- _How to complete this task_: The listing that follows must be retyped exactly, without its pictures.

(Data records Opens)

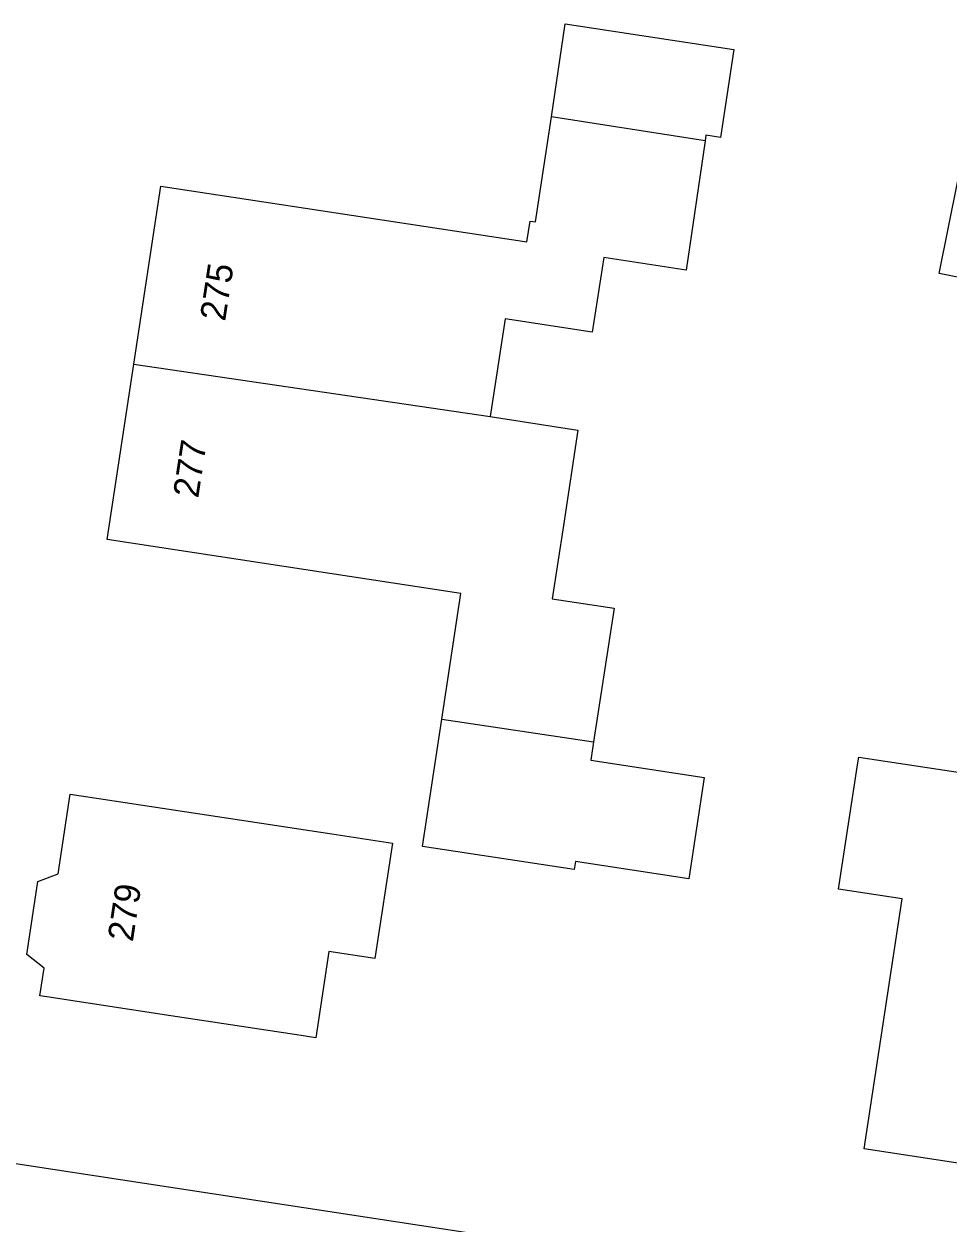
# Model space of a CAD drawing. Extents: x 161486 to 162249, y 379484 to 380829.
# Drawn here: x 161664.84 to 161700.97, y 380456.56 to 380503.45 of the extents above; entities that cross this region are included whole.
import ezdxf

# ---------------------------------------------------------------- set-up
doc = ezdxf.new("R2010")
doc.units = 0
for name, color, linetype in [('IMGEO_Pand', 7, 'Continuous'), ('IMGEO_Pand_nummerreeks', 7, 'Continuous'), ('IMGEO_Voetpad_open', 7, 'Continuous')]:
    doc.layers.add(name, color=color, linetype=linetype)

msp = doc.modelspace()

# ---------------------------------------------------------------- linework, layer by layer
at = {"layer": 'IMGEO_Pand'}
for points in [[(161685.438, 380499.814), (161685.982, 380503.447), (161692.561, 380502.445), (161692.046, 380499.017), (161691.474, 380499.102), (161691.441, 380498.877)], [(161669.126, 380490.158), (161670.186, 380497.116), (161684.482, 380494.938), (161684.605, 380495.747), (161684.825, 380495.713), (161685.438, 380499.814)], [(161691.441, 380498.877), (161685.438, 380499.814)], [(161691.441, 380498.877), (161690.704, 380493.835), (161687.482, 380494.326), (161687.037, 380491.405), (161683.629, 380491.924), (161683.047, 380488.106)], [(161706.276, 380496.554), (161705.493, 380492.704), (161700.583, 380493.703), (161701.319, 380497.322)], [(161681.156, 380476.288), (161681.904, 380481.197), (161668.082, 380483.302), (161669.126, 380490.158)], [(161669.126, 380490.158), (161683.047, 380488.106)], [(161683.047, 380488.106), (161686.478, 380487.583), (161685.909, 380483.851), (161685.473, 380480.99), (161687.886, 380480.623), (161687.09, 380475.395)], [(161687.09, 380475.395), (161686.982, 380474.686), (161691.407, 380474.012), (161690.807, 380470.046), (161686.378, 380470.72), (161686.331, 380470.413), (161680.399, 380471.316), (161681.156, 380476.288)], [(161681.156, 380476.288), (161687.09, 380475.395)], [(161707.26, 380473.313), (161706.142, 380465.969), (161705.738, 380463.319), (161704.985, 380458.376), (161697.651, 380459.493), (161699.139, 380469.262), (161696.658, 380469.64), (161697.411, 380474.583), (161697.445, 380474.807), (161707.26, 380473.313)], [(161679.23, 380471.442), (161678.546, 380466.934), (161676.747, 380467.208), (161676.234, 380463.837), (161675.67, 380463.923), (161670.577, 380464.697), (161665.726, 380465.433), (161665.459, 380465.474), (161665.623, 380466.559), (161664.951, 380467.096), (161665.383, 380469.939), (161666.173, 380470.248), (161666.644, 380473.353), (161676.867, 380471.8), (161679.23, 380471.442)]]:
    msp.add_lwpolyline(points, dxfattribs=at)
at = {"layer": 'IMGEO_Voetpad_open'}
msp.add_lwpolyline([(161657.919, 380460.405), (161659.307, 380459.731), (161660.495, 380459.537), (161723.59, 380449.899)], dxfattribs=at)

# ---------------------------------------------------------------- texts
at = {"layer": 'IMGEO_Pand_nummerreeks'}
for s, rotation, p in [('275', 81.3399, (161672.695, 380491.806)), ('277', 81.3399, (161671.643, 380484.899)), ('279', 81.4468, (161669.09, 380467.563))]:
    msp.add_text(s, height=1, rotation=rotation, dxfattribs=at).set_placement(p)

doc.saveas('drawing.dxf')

(Data records Closes)

- _Task answer_:
# Model space of a CAD drawing. Extents: x 161486 to 162249, y 379484 to 380829.
# Drawn here: x 161664.84 to 161700.97, y 380456.56 to 380503.45 of the extents above; entities that cross this region are included whole.
import ezdxf

# ---------------------------------------------------------------- set-up
doc = ezdxf.new("R2010")
doc.units = 0
for name, color, linetype in [('IMGEO_Pand', 7, 'Continuous'), ('IMGEO_Pand_nummerreeks', 7, 'Continuous'), ('IMGEO_Voetpad_open', 7, 'Continuous')]:
    doc.layers.add(name, color=color, linetype=linetype)

msp = doc.modelspace()

# ---------------------------------------------------------------- linework, layer by layer
at = {"layer": 'IMGEO_Pand'}
for points in [[(161685.438, 380499.814), (161685.982, 380503.447), (161692.561, 380502.445), (161692.046, 380499.017), (161691.474, 380499.102), (161691.441, 380498.877)], [(161669.126, 380490.158), (161670.186, 380497.116), (161684.482, 380494.938), (161684.605, 380495.747), (161684.825, 380495.713), (161685.438, 380499.814)], [(161691.441, 380498.877), (161685.438, 380499.814)], [(161691.441, 380498.877), (161690.704, 380493.835), (161687.482, 380494.326), (161687.037, 380491.405), (161683.629, 380491.924), (161683.047, 380488.106)], [(161706.276, 380496.554), (161705.493, 380492.704), (161700.583, 380493.703), (161701.319, 380497.322)], [(161681.156, 380476.288), (161681.904, 380481.197), (161668.082, 380483.302), (161669.126, 380490.158)], [(161669.126, 380490.158), (161683.047, 380488.106)], [(161683.047, 380488.106), (161686.478, 380487.583), (161685.909, 380483.851), (161685.473, 380480.99), (161687.886, 380480.623), (161687.09, 380475.395)], [(161687.09, 380475.395), (161686.982, 380474.686), (161691.407, 380474.012), (161690.807, 380470.046), (161686.378, 380470.72), (161686.331, 380470.413), (161680.399, 380471.316), (161681.156, 380476.288)], [(161681.156, 380476.288), (161687.09, 380475.395)], [(161707.26, 380473.313), (161706.142, 380465.969), (161705.738, 380463.319), (161704.985, 380458.376), (161697.651, 380459.493), (161699.139, 380469.262), (161696.658, 380469.64), (161697.411, 380474.583), (161697.445, 380474.807), (161707.26, 380473.313)], [(161679.23, 380471.442), (161678.546, 380466.934), (161676.747, 380467.208), (161676.234, 380463.837), (161675.67, 380463.923), (161670.577, 380464.697), (161665.726, 380465.433), (161665.459, 380465.474), (161665.623, 380466.559), (161664.951, 380467.096), (161665.383, 380469.939), (161666.173, 380470.248), (161666.644, 380473.353), (161676.867, 380471.8), (161679.23, 380471.442)]]:
    msp.add_lwpolyline(points, dxfattribs=at)
at = {"layer": 'IMGEO_Voetpad_open'}
msp.add_lwpolyline([(161657.919, 380460.405), (161659.307, 380459.731), (161660.495, 380459.537), (161723.59, 380449.899)], dxfattribs=at)

# ---------------------------------------------------------------- texts
at = {"layer": 'IMGEO_Pand_nummerreeks'}
for s, rotation, p in [('275', 81.3399, (161672.695, 380491.806)), ('277', 81.3399, (161671.643, 380484.899)), ('279', 81.4468, (161669.09, 380467.563))]:
    msp.add_text(s, height=1, rotation=rotation, dxfattribs=at).set_placement(p)

doc.saveas('drawing.dxf')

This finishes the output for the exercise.